- [Problem to solve] Only a number is expected: how many lines in the entries that follow contain the word "sizes"?

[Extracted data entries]
══════════

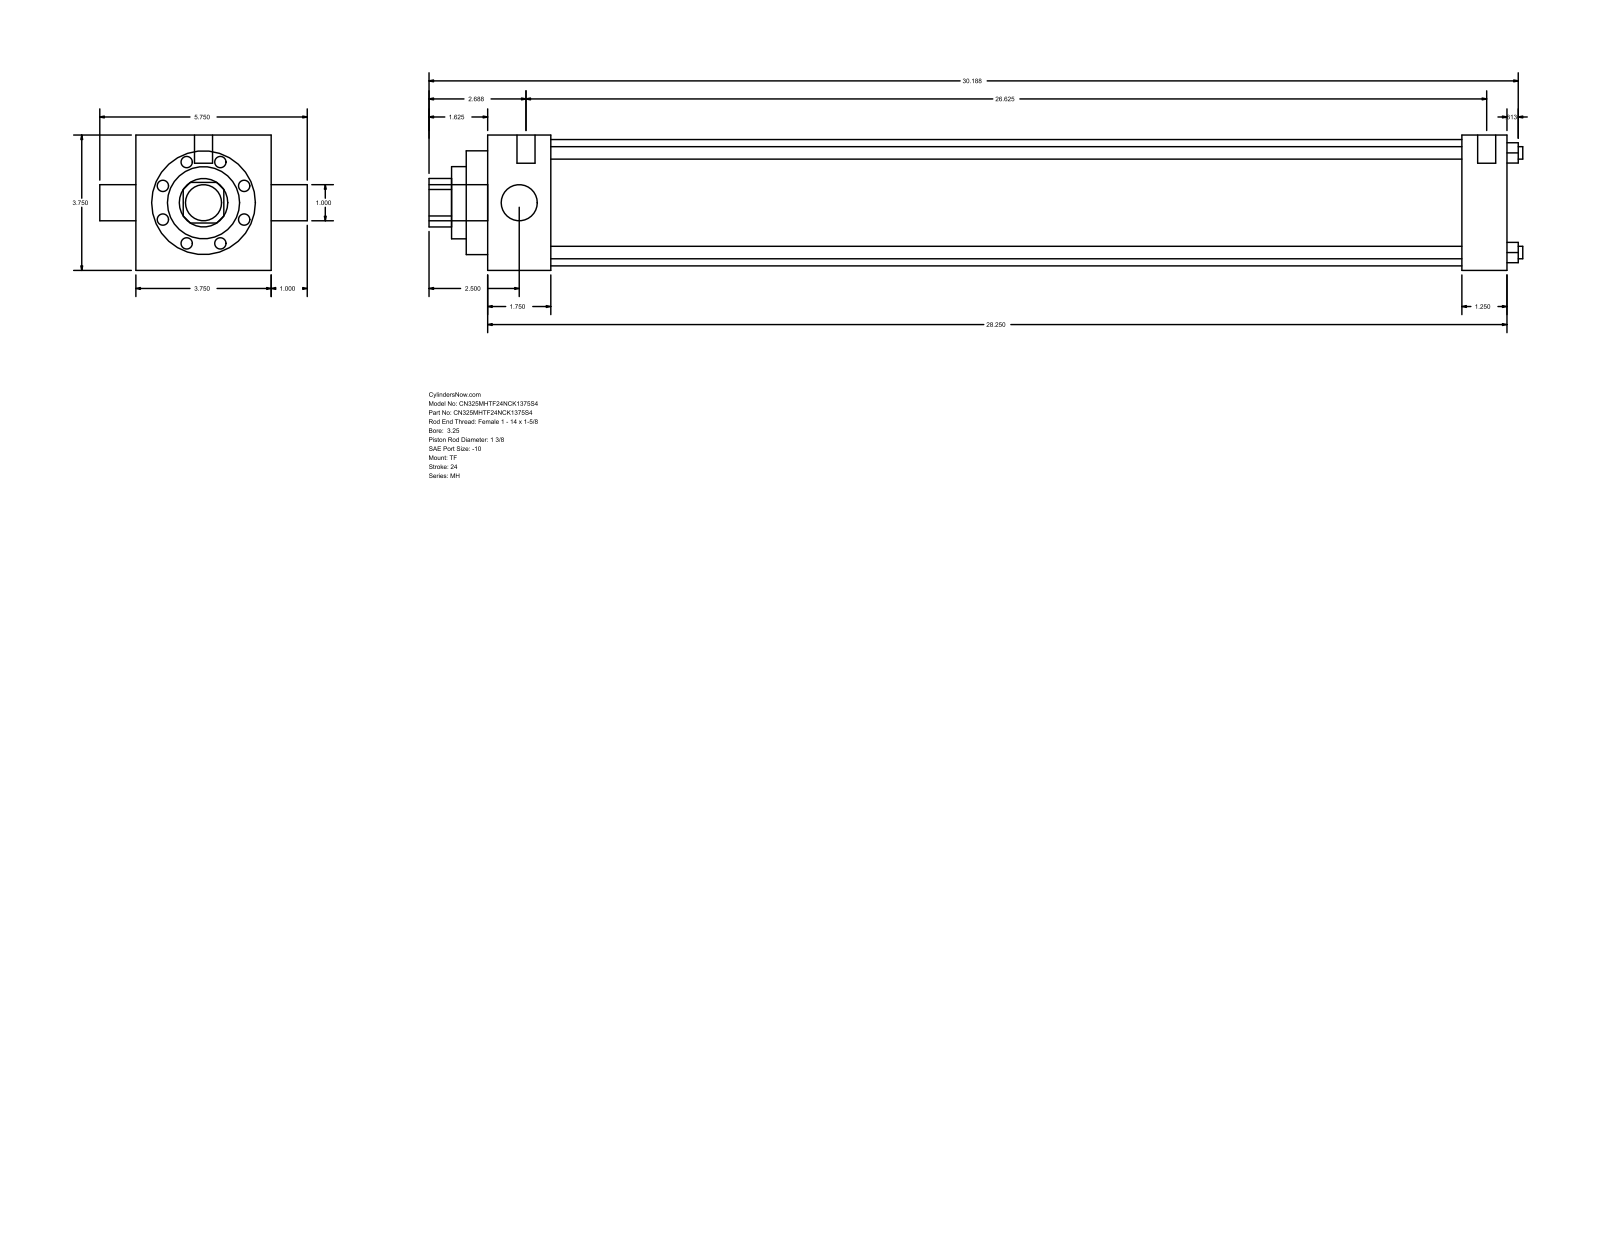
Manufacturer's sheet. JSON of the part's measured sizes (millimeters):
{"part_name": "MH_TF__0325_1.375", "step_written_by": "GSSL Pune (CONFIG_CONTROL_DESIGN)", "units": "millimeters", "bodies": {"solids": 0, "faces": 86, "planar": 61, "cylindrical": 25, "other": 0}, "overall_size": [769.94, 146.05, 95.25], "round_holes": [[8.76, 4], [25.4, 1], [34.92, 1], [50.8, 1], [73.03, 1], [88.9, 1]], "round_bosses_or_shafts": [[5.56, 3], [12.7, 2], [25.4, 1]], "partial_cylinders_radius": [[17.06, 1]], "face_to_face_distances": [95.24, 717.56, 44.45, 685.81, 641.36, 673.11, 31.75, 15.08, 59.53, 700.89], "hole_center_spacings": [49.57, 70.1, 99.14]}
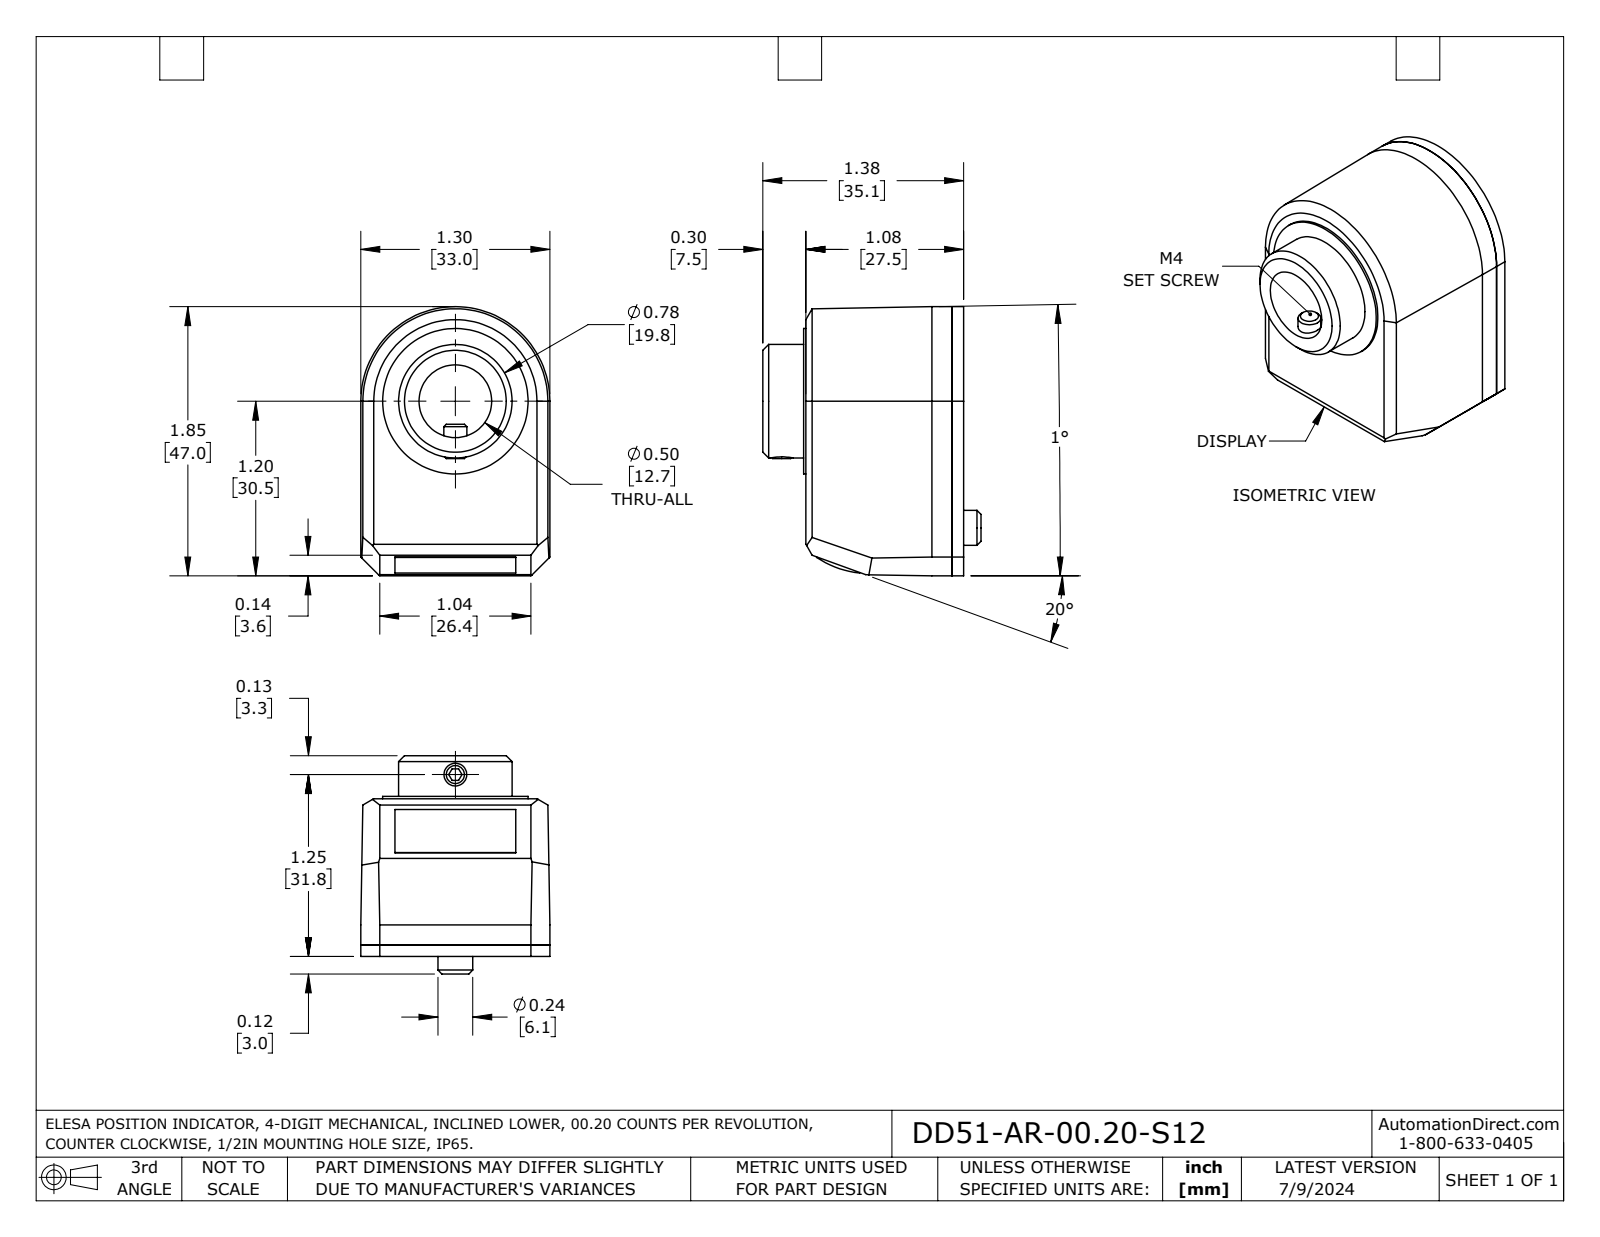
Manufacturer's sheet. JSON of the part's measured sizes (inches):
{"part_name": "DD51-AR-INCH", "step_written_by": "SolidWorks 2023 (AUTOMOTIVE_DESIGN)", "units": "inches", "bodies": {"solids": 4, "faces": 77, "planar": 59, "cylindrical": 12, "other": 6}, "overall_size": [1.85, 1.5, 1.3], "volume_in3": 2.036, "surface_area_in2": 20.14, "round_holes": [[0.157, 1], [0.5, 1], [0.78, 1], [1.08, 1]], "round_bosses_or_shafts": [[1, 1], [0.24, 1], [0.157, 1]], "partial_cylinders_radius": [[0.65, 1], [0.662, 1]], "face_to_face_distances": [0.08, 1.004, 1.084, 0.864, 0.14, 0.22, 1.3, 0.016, 0.88, 1.02]}
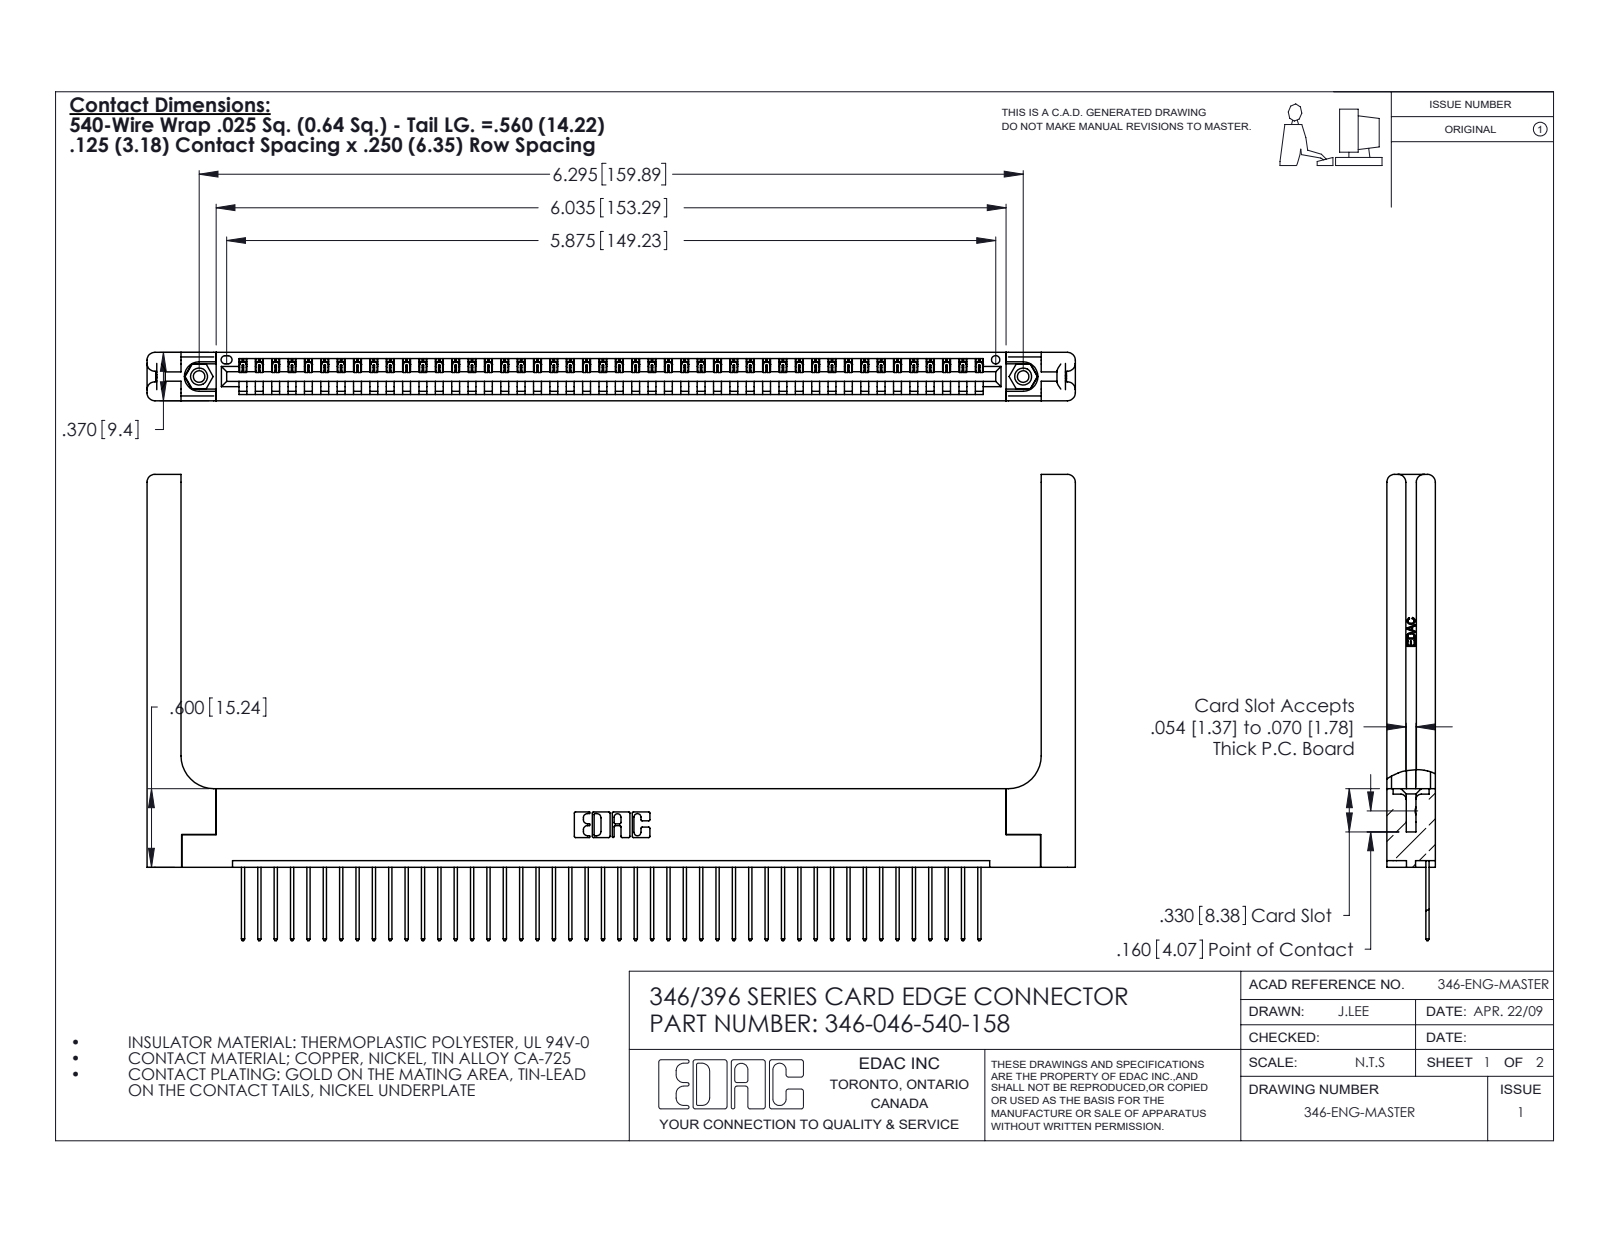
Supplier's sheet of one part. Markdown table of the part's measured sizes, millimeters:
| quantity | value |
| --- | --- |
| part name | 346-220-058_345-220-058; 345-292-001_345-293-140; 346-046-540-158; 345-250-001_345-250-001-102 (+1 more) |
| STEP written by | SolidWorks 2020 (CONFIG_CONTROL_DESIGN) |
| units | millimeters |
| bodies | 51 solids, 3060 faces (2078 planar, 922 cylindrical, 60 other) |
| overall size | 180.1 × 90.4 × 9.4 |
| volume | 24 830 mm³ |
| surface area | 27 340 mm² |
| round holes (diameter × count) | 2.3 × 2, 3.2 × 2, 4 × 2, 1.6 × 1 |
| round bosses / shafts (diameter × count) | 3.9 × 2 |
| partial cylindrical surfaces (radius × count) | 0.2 × 92, 0.3 × 92, 0.3 × 22, 1.5 × 16, 0.2 × 6, 0.8 × 6, 0.7 × 3, 0.8 × 2 |
| main face-to-face distances | 9.4, 1.2, 8.2, 1.8, 3.8, 3.8, 6.4, 7.6, 0.6, 5.6 |
| hole center spacings | 6.2, 154.6, 159.9 |

══════════

- [Response to this task] 3